Splash cold water onto a flour tortilla and rub across both sides.  Don't let it pool.  When the meat is done, remove it from the heat.  Dice the sirloin into small dice.  Place the tortilla onto a microwave save dish. Place three tbs. of the canned chili in a line across the center fo the tortilla.  Top with 1/2 of both the ground beef, and the steak.  Cover with half of the grated cheese.  Add salsa, or hot sauce if you like.  Fold the bottom end up, and the sides across to form the burrito.  Place into the microwave and heat at highest power setting for 1-1/2 minutes.

Repeat for the second burrito.

You can add guacamole, sour cream, freshly dice onion, cilantro, etc. to this burrito.  The ones I made last night really hit the spot, and tasted far better than I thought they would using canned chili.  The sirloin added a wonderfully beefy flavor.  It was cooked a little on the rare side as I knew it would cook to medium rare in the micro-wave oven.  That's a good thing.

Seeeeeeya; Chief Longwind of the North


----------



## Whiskadoodle (Dec 4, 2015)

Burritos are one of nature's most perfect foods, along with ice cream.


----------



## Kayelle (Dec 4, 2015)

Do you have a gas range Chief? Flour tortillas slapped onto a burner, and carefully turned over with tongs *quickly,* several times will give you a far superior anything burrito. The little blisters of flavor on the tortilla makes all the difference. I can do up to three at a time, but I would recommend one at a time to start.


----------



## Kaneohegirlinaz (Dec 4, 2015)

Kayelle said:


> Do you have a gas range Chief? Flour tortillas slapped onto a burner, and carefully turned over with tongs *quickly,* several times will give you a far superior anything burrito. The little blisters of flavor on the tortilla makes all the difference. I can do up to three at a time, but I would recommend one at a time to start.
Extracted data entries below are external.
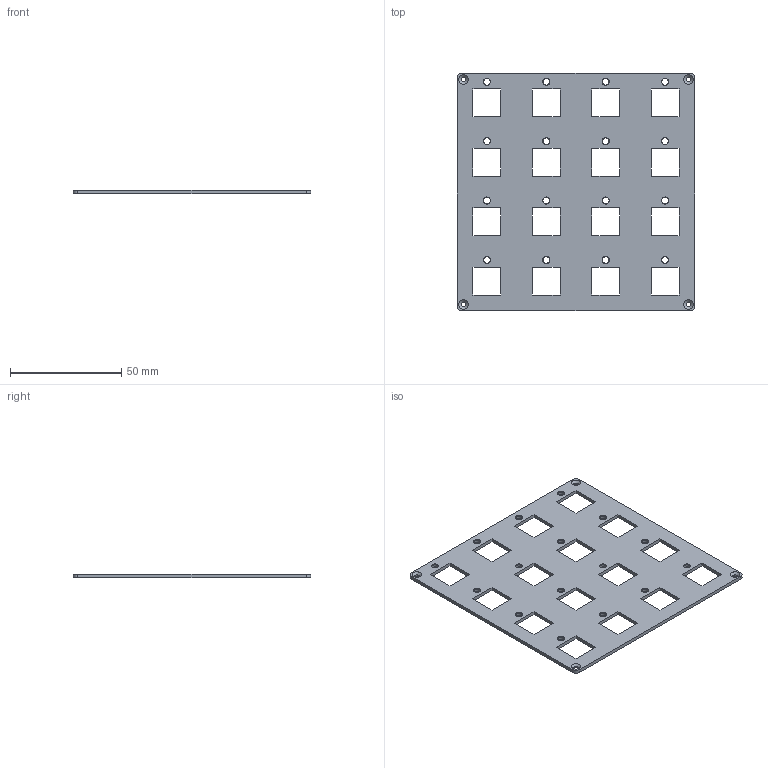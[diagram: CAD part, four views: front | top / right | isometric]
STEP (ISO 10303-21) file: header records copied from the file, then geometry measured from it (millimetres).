
FILE_DESCRIPTION(('FreeCAD Model'),'2;1');
FILE_NAME('/media/sf_Mechanical/G4 Mech/Source/FRONTPANEL/B16_SQR.step', '2018-09-25T13:36:40',('Author'),(''), 'Open CASCADE STEP processor 6.8','FreeCAD','Unknown');
FILE_SCHEMA(('AUTOMOTIVE_DESIGN_CC2 { 1 2 10303 214 -1 1 5 4 }'));
Length unit declared in the file: millimetre
Products named in the file (2): ASSEMBLY; Light2
Assembly tree (1 placements, depth 2):
  ASSEMBLY
    Light2
Bounding box: 106.6 x 106.6 x 1.6 mm (x, y, z)
Volume: 13946.7 mm3; surface area: 19698.9 mm2
Topology: 1 solids, 1 shells, 130 faces, 332 edges, 220 vertices
Faces by surface type: plane 86, cylinder 40, cone 4
Full cylindrical faces by diameter (mm): 2.2 x4, 3 x16, 3.2 x16
Entity records: 8519 total; most frequent: CARTESIAN_POINT 1940, DIRECTION 1132, LINE 696, VECTOR 696, ORIENTED_EDGE 664, PCURVE 664, DEFINITIONAL_REPRESENTATION 664, EDGE_CURVE 332

Hmm, another great tip from my "oven sister", I'll remember that! (can't wait!)


----------



## cinisajoy (Dec 4, 2015)

Why the water?
Like Kayelle,  I blister on the stove.
I would just put all the ingredients in a hot tortilla and skip the microwave.


----------



## Cheryl J (Dec 4, 2015)

*Chief*, thank you for sharing your burrito recipe.  It sounds delicious!   Funny you should post this today, I had a burrito for dinner this evening.  Not much of a 'recipe' though, I just used what I had on hand as it's been a busy day and I was looking for something filling and easy. 

Whisk - I'm with ya on it being one of the perfect meals - they're so versatile. I love *breakfast burritos* anytime of day - scrambled eggs, bacon, cheese, salsa, and whatever, rolled up in a stove top blistered flour tortilla.  Yum.


----------



## GotGarlic (Dec 4, 2015)

cinisajoy said:


> Why the water?
> Like Kayelle,  I blister on the stove.
> I would just put all the ingredients in a hot tortilla and skip the microwave.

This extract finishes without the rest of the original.